- Dataset entries
++++++

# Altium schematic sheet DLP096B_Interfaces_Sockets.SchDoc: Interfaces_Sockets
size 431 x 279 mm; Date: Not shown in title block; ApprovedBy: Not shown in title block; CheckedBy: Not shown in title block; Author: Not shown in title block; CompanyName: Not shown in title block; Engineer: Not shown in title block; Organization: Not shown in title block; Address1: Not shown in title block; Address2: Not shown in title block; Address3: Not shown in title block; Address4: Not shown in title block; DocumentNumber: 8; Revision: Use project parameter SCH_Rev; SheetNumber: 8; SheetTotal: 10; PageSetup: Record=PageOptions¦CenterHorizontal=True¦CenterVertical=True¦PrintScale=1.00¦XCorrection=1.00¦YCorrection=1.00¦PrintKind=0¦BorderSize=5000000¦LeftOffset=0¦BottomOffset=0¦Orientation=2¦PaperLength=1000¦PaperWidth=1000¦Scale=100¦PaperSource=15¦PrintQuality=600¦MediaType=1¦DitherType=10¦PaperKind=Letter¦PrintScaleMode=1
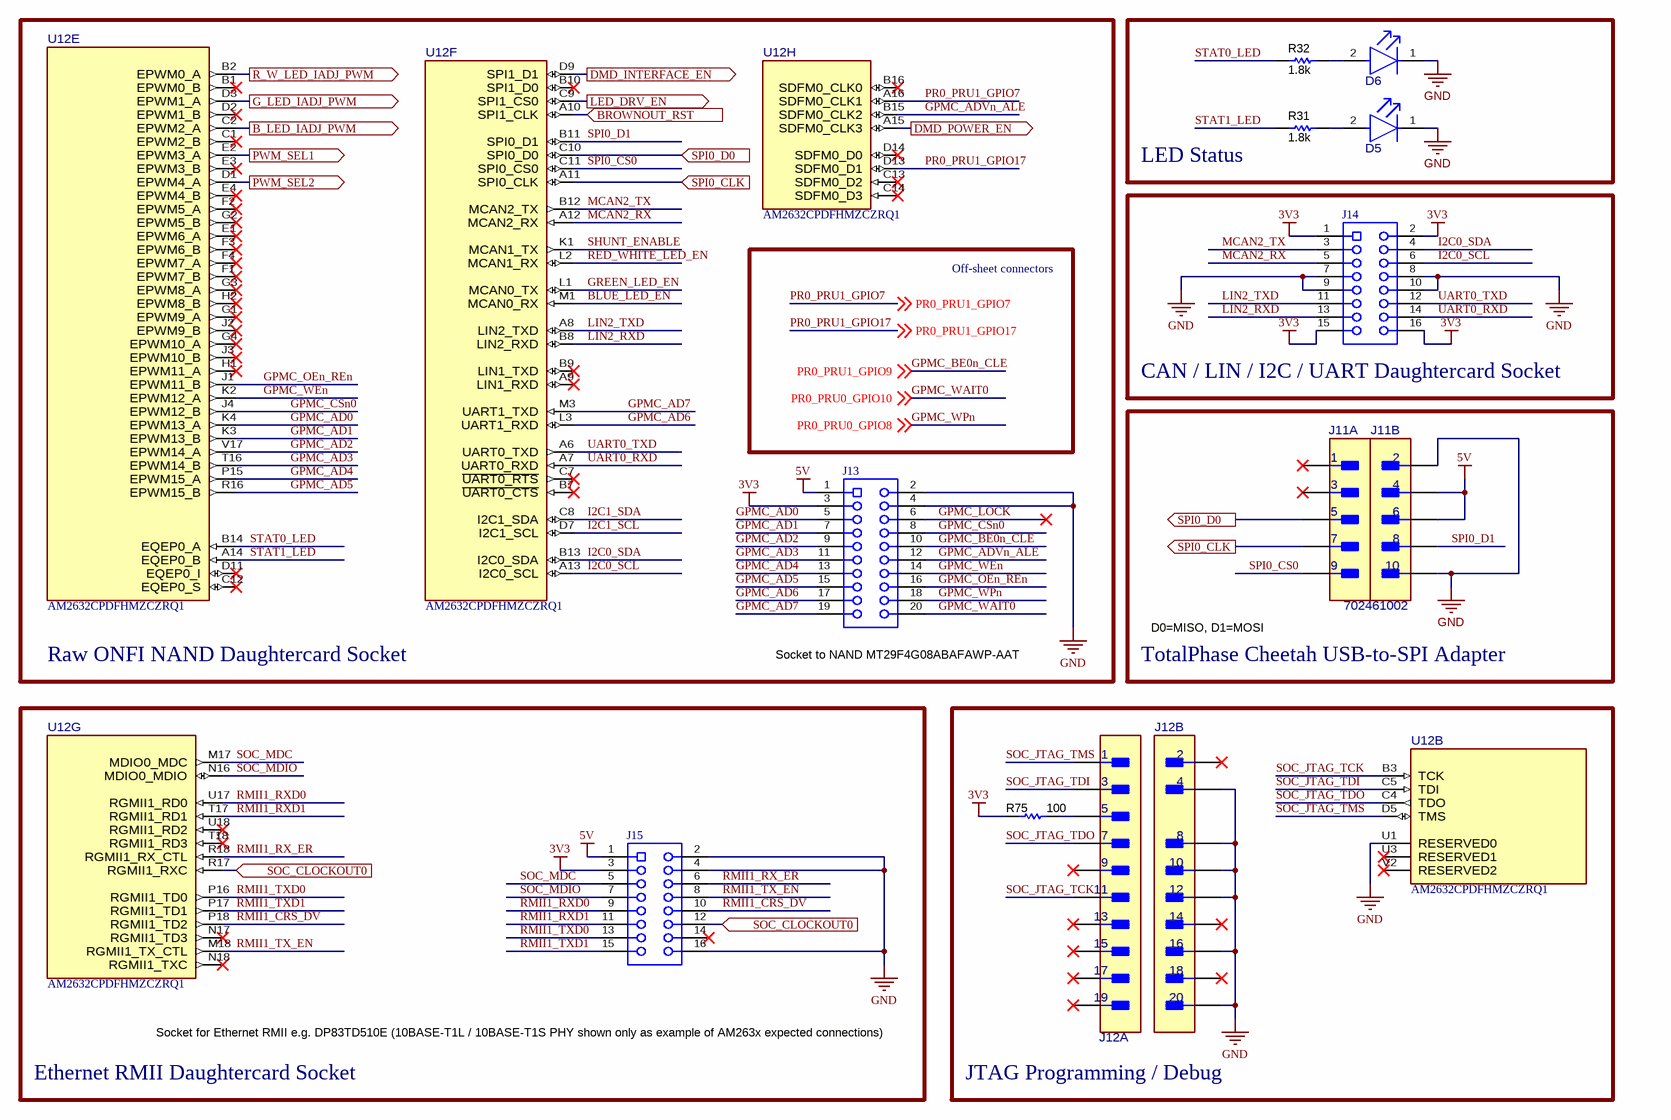
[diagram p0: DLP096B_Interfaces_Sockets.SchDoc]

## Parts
D5  LSL29K-G1H2-1-Z  [FP-LSL29K-G1H2-1-Z_0603-0]  (value not drawn)
D6  LSL29K-G1H2-1-Z  [FP-LSL29K-G1H2-1-Z_0603-0]  (value not drawn)
J11  702461002  [FP-702461002_HDR10-MFG]  (value not drawn)  (parts A,B of 2)
J12  FTR-110-03-G-D-06  [FP-FTR-110-03-G-D-06_HDR19-MFG]  (value not drawn)  (parts A,B of 2)
J13  RSM-110-02-L-D  [Samtec_RSM-110-02-x-D]  (value not drawn)
J14  FLE-108-01-G-DV-A  [Samtec_FLE-108-01-x-DV-A]  (value not drawn)
J15  FLE-108-01-G-DV-A  [Samtec_FLE-108-01-x-DV-A]  (value not drawn)
R31  ValueDisplayed: 1.8k  [0402L]  (hidden comment: CRCW04021K80JNED)
R32  ValueDisplayed: 1.8k  [0402L]  (hidden comment: CRCW04021K80JNED)
R75  ValueDisplayed: 100  [0402L]  (hidden comment: ERJ-2GEJ101X)
U12  PartNumber: AM2632CPDFHMZCZRQ1  [ZCZ0324A-MFG]  (hidden comment: XAM2634AOLFGMZCZQ)  (parts B,E,F,G,H of 13)

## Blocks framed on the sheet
Raw ONFI NAND Daughtercard Socket: J13 U12
LED Status: D5 D6 R31 R32
CAN / LIN / I2C / UART Daughtercard Socket: J14
TotalPhase Cheetah USB-to-SPI Adapter: J11
Ethernet RMII Daughtercard Socket: J15 U12
JTAG Programming / Debug: J12 R75 U12

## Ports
B_LED_IADJ_PWM (out), BROWNOUT_RST (in), DMD_INTERFACE_EN (out), DMD_POWER_EN (out), G_LED_IADJ_PWM (out), LED_DRV_EN (out), PWM_SEL1 (out), PWM_SEL2 (out), R_W_LED_IADJ_PWM (out), SOC_CLOCKOUT0 (in), SPI0_CLK (in), SPI0_CLK (out), SPI0_D0 (in), SPI0_D0 (out)

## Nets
3V3: J13.3 J14.1 J14.2 J14.15 J14.16 J15.3 R75.1
5V: J11.4 J11.6 J13.1 J15.1
GND: D5.1(CATHODE) D6.1(CATHODE) J11.2 J11.10 J12.4 J12.8 J12.10 J12.12 J12.16 J12.20 J13.2 J13.4 J14.7 J14.8 J14.9 J14.10 J15.2 J15.4 J15.16 U12.U1(RESERVED0)
B_LED_IADJ_PWM: U12.C2(EPWM2_A) ; port B_LED_IADJ_PWM
BLUE_LED_EN: U12.M1(MCAN0_RX)
BROWNOUT_RST: U12.A10(SPI1_CLK) ; port BROWNOUT_RST
DMD_INTERFACE_EN: U12.D9(SPI1_D1) ; port DMD_INTERFACE_EN
DMD_POWER_EN: U12.A15(SDFM0_CLK3) ; port DMD_POWER_EN
G_LED_IADJ_PWM: U12.D3(EPWM1_A) ; port G_LED_IADJ_PWM
GPMC_AD0: J13.5 U12.K4(EPWM13_A)
GPMC_AD1: J13.7 U12.K3(EPWM13_B)
GPMC_AD2: J13.9 U12.V17(EPWM14_A)
GPMC_AD3: J13.11 U12.T16(EPWM14_B)
GPMC_AD4: J13.13 U12.P15(EPWM15_A)
GPMC_AD5: J13.15 U12.R16(EPWM15_B)
GPMC_AD6: J13.17 U12.L3(UART1_RXD)
GPMC_AD7: J13.19 U12.M3(UART1_TXD)
GPMC_ADVn_ALE: J13.12 U12.B15(SDFM0_CLK2)
GPMC_BE0n_CLE: J13.10 ; off-sheet PR0_PRU1_GPIO9  [also labelled PR0_PRU1_GPIO9]
GPMC_CSn0: J13.8 U12.J4(EPWM12_B)
GPMC_LOCK: J13.6
GPMC_OEn_REn: J13.16 U12.J1(EPWM11_B)
GPMC_WAIT0: J13.20 ; off-sheet PR0_PRU0_GPIO10  [also labelled PR0_PRU0_GPIO10]
GPMC_WEn: J13.14 U12.K2(EPWM12_A)
GPMC_WPn: J13.18 ; off-sheet PR0_PRU0_GPIO8  [also labelled PR0_PRU0_GPIO8]
GREEN_LED_EN: U12.L1(MCAN0_TX)
I2C0_SCL: J14.6 U12.A13(I2C0_SCL)
I2C0_SDA: J14.4 U12.B13(I2C0_SDA)
I2C1_SCL: U12.D7(I2C1_SCL)
I2C1_SDA: U12.C8(I2C1_SDA)
LED_DRV_EN: U12.C9(SPI1_CS0) ; port LED_DRV_EN
LIN2_RXD: J14.13 U12.B8(LIN2_RXD)
LIN2_TXD: J14.11 U12.A8(LIN2_TXD)
MCAN2_RX: J14.5 U12.A12(MCAN2_RX)
MCAN2_TX: J14.3 U12.B12(MCAN2_TX)
PR0_PRU1_GPIO7: U12.A16(SDFM0_CLK1) ; off-sheet PR0_PRU1_GPIO7
PR0_PRU1_GPIO17: U12.D13(SDFM0_D1) ; off-sheet PR0_PRU1_GPIO17
PWM_SEL1: U12.E2(EPWM3_A) ; port PWM_SEL1
PWM_SEL2: U12.D1(EPWM4_A) ; port PWM_SEL2
R_W_LED_IADJ_PWM: U12.B2(EPWM0_A) ; port R_W_LED_IADJ_PWM
RED_WHITE_LED_EN: U12.L2(MCAN1_RX)
RMII1_CRS_DV: J15.10 U12.P18(RGMII1_TD2)
RMII1_RX_ER: J15.6 U12.R18(RGMII1_RX_CTL)
RMII1_RXD0: J15.9 U12.U17(RGMII1_RD0)
RMII1_RXD1: J15.11 U12.T17(RGMII1_RD1)
RMII1_TX_EN: J15.8 U12.M18(RGMII1_TX_CTL)
RMII1_TXD0: J15.13 U12.P16(RGMII1_TD0)
RMII1_TXD1: J15.15 U12.P17(RGMII1_TD1)
SHUNT_ENABLE: U12.K1(MCAN1_TX)
SOC_CLOCKOUT0: J15.12 U12.R17(RGMII1_RXC) ; port SOC_CLOCKOUT0
SOC_JTAG_TCK: J12.11 U12.B3(TCK)
SOC_JTAG_TDI: J12.3 U12.C5(TDI)
SOC_JTAG_TDO: J12.7 U12.C4(TDO)
SOC_JTAG_TMS: J12.1 U12.D5(TMS)
SOC_MDC: J15.5 U12.M17(MDIO0_MDC)
SOC_MDIO: J15.7 U12.N16(MDIO0_MDIO)
SPI0_CLK: J11.7 U12.A11(SPI0_CLK) ; port SPI0_CLK
SPI0_CS0: J11.9 U12.C11(SPI0_CS0)
SPI0_D0: J11.5 U12.C10(SPI0_D0) ; port SPI0_D0
SPI0_D1: J11.8 U12.B11(SPI0_D1)
STAT0_LED: R32.2 U12.B14(EQEP0_A)
STAT1_LED: R31.2 U12.A14(EQEP0_B)
UART0_RXD: J14.14 U12.A7(UART0_RXD)
UART0_TXD: J14.12 U12.A6(UART0_TXD)
NetD5_2: D5.2(ANODE) R31.1
NetD6_2: D6.2(ANODE) R32.1
NetJ12_5: J12.5 R75.2

Not connected (* = marked no-connect by the designer): J11 1* 3*; J12 2* 9* 13* 14* 15* 17* 18* 19*; J15 14*; U12 A9(LIN1_RXD)* B1(EPWM0_B)* B7(~{UART0_CTS})* B9(LIN1_TXD)* B10(SPI1_D0)* B16(SDFM0_CLK0)* C1(EPWM2_B)* C7(~{UART0_RTS})* C12(EQEP0_S)* C13(SDFM0_D2)* C14(SDFM0_D3)* D2(EPWM1_B)* D11(EQEP0_I)* D14(SDFM0_D0)* E1(EPWM6_A)* E3(EPWM3_B)* E4(EPWM4_B)* F1(EPWM7_B)* F2(EPWM5_A)* F3(EPWM6_B)* F4(EPWM7_A)* G1(EPWM9_A)* G2(EPWM5_B)* G3(EPWM8_A)* G4(EPWM10_A)* H1(EPWM11_A)* H2(EPWM8_B)* J2(EPWM9_B)* J3(EPWM10_B)* N17(RGMII1_TD3)* N18(RGMII1_TXC)* T18(RGMII1_RD3)* U3(RESERVED1)* U18(RGMII1_RD2)* V2(RESERVED2)*

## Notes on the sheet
- Off-sheet connectors
- (near J13) Socket to NAND MT29F4G08ABAFAWP-AAT
- D0=MISO, D1=MOSI
- Socket for Ethernet RMII e.g. DP83TD510E (10BASE-T1L / 10BASE-T1S PHY shown only as example of AM263x expected connections)

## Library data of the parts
D5 D6 = CMP-0092845-1: LED Uni-Color Red 643nm 2-Pin Chip 0603(1608Metric) T/R; Manufacturer: OSRAM Opto Semiconductors; AEC Grade: Grade 2; LuminousFlux_PhiV: 8.1/16.1lm; Vf_V: 1.8V; Forward Current: 2mA; Led Orientation: Top View; SizeZ_mm: 0.67mm; AEC Qualified: Yes; Luminous Intensity: 1.8-2.24/3.55-4.5mcd; Vr_V: 12V; Angle: 160°; LambdaD: 630nm; Tjmax_C: 110°C
J11 = CMP-0089821-1: Connector Header Through Hole 10 position 0.100" (2.54mm); Manufacturer: Molex; Voltage_V: 250V; Conn Gender: Male; SizeZ_mm: 9.47mm; Standoff Height: 0.38mm; Row_Count: 2; Conn Orientation: Vertical; AEC Qualified: No; ContactFinish: Gold,Nickel; Current_A: 2.5A
J12 = CMP-0092119-1: Connector Header Surface Mount 20 position 0.050" (1.27mm); Manufacturer: Samtec; ContactFinish: Gold; Standoff Height: 1mm; Row_Count: 2; AEC Qualified: No; Conn Orientation: Vertical; Current_A: 3.1A; Conn Gender: Male; SizeZ_mm: 7.58mm
J13 = CMP-0081743-1: Receptacle, 1.27mm, 10x2, Gold with Tin tail, SMT; Manufacturer: Samtec; Pitch_mm: 1.27; Gender: Female; Cert_UL: Y; Current_A: 3.1A; RowSpacing_mm: 2.54; Row_Count: 2; CompType: Socket Strip
J14 J15 = CMP-0077240-1: Receptacle, 1.27mm, 8x2, Gold, SMT; Manufacturer: Samtec; Pitch_mm: 1.27; Gender: Female; Cert_CSA: Y; Current_A: 2A; CT: True; Row_Count: 2; CompType: Socket Strip; CNHeader: False
R31 R32 = CMP-0026858-5: RES, 1.8 k, 5%, 0.063 W, AEC-Q200 Grade 0, 0402; Manufacturer: Vishay-Dale; Power_W: 63mW; TempCo: 200 ppm/C; Value_Code: 1k80; Value: 1.8k; EIA_Code: E24; SizeX_mm: 1; SizeY_mm: 0.5; SizeZ_mm: 0.6; Value2: 0.063W; AEC Qualified: Y; VDC_V: 50V; AEC Category: Q200; AEC Grade: 0
R75 = CMP-0026993-2: RES, 100, 5%, 0.1 W, AEC-Q200 Grade 0, 0402; Manufacturer: Panasonic; Power_W: 100mW; TempCo: 200 ppm/C; Value_Code: 100R; U/M: EA; Value: 100; EIA_Code: E24; SizeX_mm: 1; SizeY_mm: 0.5; SizeZ_mm: 0.6; Value2: 0.1W; AEC Qualified: Y; AEC Grade: 0; AEC Category: Q200
U12 = CMP-0093674-1: Sitara™ Microcontrollers; Manufacturer: Texas Instruments; Min Supply Voltage: 1.14V; Number Of Adc Channels: 30; AEC Qualified: No; TJmax_C: +105°C; Memory Type: SRAM; Standoff Height: 0.35mm; Core Architecture: ARM Cortex-R5F; Number Of I2C Channels: 4; Number Of Pwm Channels: 24; Number Of Spi Channels: 5; Number Of Cores: 2; Frequency_Fixed: 400MHz; Nominal Supply Current: 200-2500mA; Ram Size: 2MBytes; Number Of Ethernet Channels: 1; Interface: I2C,SPI,UART,CAN,LIN,Ethernet,Other; Data Bus Width: 64bits; SizeZ_mm: 1.4mm; Number Of Uart Channels: 6; Number Of I/Os: 140; Max Supply Voltage: 3.465V

++++++

- What is required
There is a run of lines above from the one with "DMD_INTERFACE_EN: U12.D9(SPI1_D1) ;" to the one with "I2C0_SDA: J14.4 U12.B13(I2C0_SDA)"; print exactly that run, both ends included, and nothing else.

- Result of the task
DMD_INTERFACE_EN: U12.D9(SPI1_D1) ; port DMD_INTERFACE_EN
DMD_POWER_EN: U12.A15(SDFM0_CLK3) ; port DMD_POWER_EN
G_LED_IADJ_PWM: U12.D3(EPWM1_A) ; port G_LED_IADJ_PWM
GPMC_AD0: J13.5 U12.K4(EPWM13_A)
GPMC_AD1: J13.7 U12.K3(EPWM13_B)
GPMC_AD2: J13.9 U12.V17(EPWM14_A)
GPMC_AD3: J13.11 U12.T16(EPWM14_B)
GPMC_AD4: J13.13 U12.P15(EPWM15_A)
GPMC_AD5: J13.15 U12.R16(EPWM15_B)
GPMC_AD6: J13.17 U12.L3(UART1_RXD)
GPMC_AD7: J13.19 U12.M3(UART1_TXD)
GPMC_ADVn_ALE: J13.12 U12.B15(SDFM0_CLK2)
GPMC_BE0n_CLE: J13.10 ; off-sheet PR0_PRU1_GPIO9  [also labelled PR0_PRU1_GPIO9]
GPMC_CSn0: J13.8 U12.J4(EPWM12_B)
GPMC_LOCK: J13.6
GPMC_OEn_REn: J13.16 U12.J1(EPWM11_B)
GPMC_WAIT0: J13.20 ; off-sheet PR0_PRU0_GPIO10  [also labelled PR0_PRU0_GPIO10]
GPMC_WEn: J13.14 U12.K2(EPWM12_A)
GPMC_WPn: J13.18 ; off-sheet PR0_PRU0_GPIO8  [also labelled PR0_PRU0_GPIO8]
GREEN_LED_EN: U12.L1(MCAN0_TX)
I2C0_SCL: J14.6 U12.A13(I2C0_SCL)
I2C0_SDA: J14.4 U12.B13(I2C0_SDA)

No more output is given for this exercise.